▸ **Exercise brief**:
Below are some records. Pull every line that contains the word "location".

(Source records)
**********

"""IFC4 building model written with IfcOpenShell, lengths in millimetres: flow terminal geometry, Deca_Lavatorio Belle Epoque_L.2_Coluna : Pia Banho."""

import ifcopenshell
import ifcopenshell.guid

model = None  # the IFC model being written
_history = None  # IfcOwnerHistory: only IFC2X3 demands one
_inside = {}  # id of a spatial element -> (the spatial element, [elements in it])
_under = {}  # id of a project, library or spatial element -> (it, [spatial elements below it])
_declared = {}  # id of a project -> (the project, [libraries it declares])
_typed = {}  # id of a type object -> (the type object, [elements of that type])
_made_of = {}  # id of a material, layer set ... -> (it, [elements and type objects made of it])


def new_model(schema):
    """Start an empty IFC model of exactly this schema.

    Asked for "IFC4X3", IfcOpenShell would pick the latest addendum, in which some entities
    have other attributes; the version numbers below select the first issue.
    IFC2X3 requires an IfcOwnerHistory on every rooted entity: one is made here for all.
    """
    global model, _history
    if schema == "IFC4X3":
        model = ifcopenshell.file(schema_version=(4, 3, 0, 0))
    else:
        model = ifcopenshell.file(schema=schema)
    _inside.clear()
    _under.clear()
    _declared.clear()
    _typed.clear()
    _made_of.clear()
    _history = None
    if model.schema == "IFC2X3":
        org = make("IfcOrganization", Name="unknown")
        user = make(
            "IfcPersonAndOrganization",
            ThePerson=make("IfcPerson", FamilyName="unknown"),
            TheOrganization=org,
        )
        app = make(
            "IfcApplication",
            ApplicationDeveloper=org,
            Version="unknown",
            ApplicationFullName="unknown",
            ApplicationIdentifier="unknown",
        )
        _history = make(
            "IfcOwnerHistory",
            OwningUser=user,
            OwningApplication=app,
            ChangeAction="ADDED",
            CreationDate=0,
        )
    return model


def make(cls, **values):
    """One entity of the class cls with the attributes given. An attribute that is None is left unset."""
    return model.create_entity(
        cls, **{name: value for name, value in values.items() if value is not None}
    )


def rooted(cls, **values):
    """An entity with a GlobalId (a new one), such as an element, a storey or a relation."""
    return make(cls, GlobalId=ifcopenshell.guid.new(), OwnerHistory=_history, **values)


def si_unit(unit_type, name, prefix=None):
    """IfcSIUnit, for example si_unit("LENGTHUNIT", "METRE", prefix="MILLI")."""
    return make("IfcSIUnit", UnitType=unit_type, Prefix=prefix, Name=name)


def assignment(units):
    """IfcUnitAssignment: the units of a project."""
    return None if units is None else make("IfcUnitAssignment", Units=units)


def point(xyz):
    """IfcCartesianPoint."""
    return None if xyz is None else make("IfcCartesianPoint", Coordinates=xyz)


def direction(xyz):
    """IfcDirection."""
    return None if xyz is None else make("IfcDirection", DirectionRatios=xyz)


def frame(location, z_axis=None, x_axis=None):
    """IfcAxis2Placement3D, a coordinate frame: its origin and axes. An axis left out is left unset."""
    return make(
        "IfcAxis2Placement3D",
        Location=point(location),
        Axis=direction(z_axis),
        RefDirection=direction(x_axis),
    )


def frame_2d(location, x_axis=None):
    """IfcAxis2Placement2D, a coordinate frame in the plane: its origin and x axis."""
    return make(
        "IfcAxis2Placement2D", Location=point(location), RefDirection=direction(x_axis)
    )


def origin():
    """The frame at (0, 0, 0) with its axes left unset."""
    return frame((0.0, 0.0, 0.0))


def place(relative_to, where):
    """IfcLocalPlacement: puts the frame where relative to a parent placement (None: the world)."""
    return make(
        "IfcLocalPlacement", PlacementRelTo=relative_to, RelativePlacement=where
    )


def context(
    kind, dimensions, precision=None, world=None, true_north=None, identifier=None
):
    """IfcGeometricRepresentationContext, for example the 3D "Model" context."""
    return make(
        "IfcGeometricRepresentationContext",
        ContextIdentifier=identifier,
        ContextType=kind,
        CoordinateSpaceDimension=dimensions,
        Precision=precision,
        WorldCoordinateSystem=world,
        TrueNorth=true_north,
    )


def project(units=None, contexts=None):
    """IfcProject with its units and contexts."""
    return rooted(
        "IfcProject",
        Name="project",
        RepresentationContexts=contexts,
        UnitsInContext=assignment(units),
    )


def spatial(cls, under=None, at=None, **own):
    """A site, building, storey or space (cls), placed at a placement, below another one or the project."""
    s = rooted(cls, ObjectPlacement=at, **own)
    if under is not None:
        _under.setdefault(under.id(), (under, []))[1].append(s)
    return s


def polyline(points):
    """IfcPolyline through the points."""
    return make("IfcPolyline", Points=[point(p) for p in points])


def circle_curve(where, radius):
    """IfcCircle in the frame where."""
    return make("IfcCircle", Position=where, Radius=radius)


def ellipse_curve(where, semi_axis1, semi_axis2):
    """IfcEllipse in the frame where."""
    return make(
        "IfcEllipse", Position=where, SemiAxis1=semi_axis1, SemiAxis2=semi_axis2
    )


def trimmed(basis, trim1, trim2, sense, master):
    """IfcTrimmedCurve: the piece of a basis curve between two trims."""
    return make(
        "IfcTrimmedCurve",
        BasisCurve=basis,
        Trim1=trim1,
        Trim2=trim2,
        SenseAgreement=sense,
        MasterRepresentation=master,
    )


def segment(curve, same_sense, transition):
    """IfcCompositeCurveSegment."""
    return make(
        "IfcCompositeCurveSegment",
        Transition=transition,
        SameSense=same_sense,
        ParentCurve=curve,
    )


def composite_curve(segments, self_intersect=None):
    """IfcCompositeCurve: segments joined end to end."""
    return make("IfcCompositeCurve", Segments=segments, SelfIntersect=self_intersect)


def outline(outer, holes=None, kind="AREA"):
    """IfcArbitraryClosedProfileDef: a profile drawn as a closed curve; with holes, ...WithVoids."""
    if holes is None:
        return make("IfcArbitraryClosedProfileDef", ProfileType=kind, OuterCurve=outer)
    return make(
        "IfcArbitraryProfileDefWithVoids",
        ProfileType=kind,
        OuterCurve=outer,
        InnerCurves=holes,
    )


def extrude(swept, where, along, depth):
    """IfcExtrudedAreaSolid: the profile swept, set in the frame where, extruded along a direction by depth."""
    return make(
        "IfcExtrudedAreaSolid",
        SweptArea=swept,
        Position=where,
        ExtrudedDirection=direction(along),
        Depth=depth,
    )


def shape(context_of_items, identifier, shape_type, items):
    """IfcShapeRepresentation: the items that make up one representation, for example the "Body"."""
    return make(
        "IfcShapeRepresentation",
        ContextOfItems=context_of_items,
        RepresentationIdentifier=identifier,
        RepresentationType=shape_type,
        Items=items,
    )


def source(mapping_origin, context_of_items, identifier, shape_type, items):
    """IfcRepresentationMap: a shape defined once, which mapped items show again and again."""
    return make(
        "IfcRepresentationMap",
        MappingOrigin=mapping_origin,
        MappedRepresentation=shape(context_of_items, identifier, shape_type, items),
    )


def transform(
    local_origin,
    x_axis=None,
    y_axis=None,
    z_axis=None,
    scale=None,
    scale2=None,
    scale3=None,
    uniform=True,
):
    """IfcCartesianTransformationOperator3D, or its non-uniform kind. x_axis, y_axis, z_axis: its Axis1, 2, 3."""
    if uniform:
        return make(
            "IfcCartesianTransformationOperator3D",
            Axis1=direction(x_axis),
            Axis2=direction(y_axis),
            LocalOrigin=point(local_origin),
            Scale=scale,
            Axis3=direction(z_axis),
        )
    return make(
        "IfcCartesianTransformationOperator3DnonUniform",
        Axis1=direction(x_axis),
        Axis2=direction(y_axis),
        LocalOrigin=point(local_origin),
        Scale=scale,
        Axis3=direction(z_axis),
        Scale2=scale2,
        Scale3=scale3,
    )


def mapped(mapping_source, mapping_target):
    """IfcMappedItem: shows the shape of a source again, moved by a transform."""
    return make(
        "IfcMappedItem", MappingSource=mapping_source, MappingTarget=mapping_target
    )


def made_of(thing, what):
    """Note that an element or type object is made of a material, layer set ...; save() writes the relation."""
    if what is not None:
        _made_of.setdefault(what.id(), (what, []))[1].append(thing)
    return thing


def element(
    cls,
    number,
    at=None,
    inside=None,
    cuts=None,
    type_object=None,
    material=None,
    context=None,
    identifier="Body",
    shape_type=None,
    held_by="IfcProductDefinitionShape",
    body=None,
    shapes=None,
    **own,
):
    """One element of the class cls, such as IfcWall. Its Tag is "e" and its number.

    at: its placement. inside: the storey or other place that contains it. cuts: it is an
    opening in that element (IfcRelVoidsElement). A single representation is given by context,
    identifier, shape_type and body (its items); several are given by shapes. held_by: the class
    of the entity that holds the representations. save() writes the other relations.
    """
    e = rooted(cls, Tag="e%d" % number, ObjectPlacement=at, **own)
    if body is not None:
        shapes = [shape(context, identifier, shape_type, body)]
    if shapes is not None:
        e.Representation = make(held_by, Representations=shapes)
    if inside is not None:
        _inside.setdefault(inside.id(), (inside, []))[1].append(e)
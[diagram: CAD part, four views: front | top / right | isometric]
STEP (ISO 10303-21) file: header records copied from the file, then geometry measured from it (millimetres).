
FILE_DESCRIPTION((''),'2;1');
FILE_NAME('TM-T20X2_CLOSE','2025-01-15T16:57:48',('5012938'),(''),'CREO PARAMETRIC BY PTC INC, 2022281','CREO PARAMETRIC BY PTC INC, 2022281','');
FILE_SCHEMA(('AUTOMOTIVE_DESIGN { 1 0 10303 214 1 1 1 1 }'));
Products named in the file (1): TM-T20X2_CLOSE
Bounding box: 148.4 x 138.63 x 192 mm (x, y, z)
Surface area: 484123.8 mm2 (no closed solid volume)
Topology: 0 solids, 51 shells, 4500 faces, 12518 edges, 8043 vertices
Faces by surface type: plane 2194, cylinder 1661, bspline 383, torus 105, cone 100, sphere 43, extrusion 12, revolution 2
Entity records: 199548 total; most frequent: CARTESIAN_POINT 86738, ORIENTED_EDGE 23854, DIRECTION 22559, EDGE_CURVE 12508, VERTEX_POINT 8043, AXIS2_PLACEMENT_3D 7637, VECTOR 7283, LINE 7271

**********

▸ **Exercise answer**:
def frame(location, z_axis=None, x_axis=None):
        Location=point(location),
def frame_2d(location, x_axis=None):
        "IfcAxis2Placement2D", Location=point(location), RefDirection=direction(x_axis)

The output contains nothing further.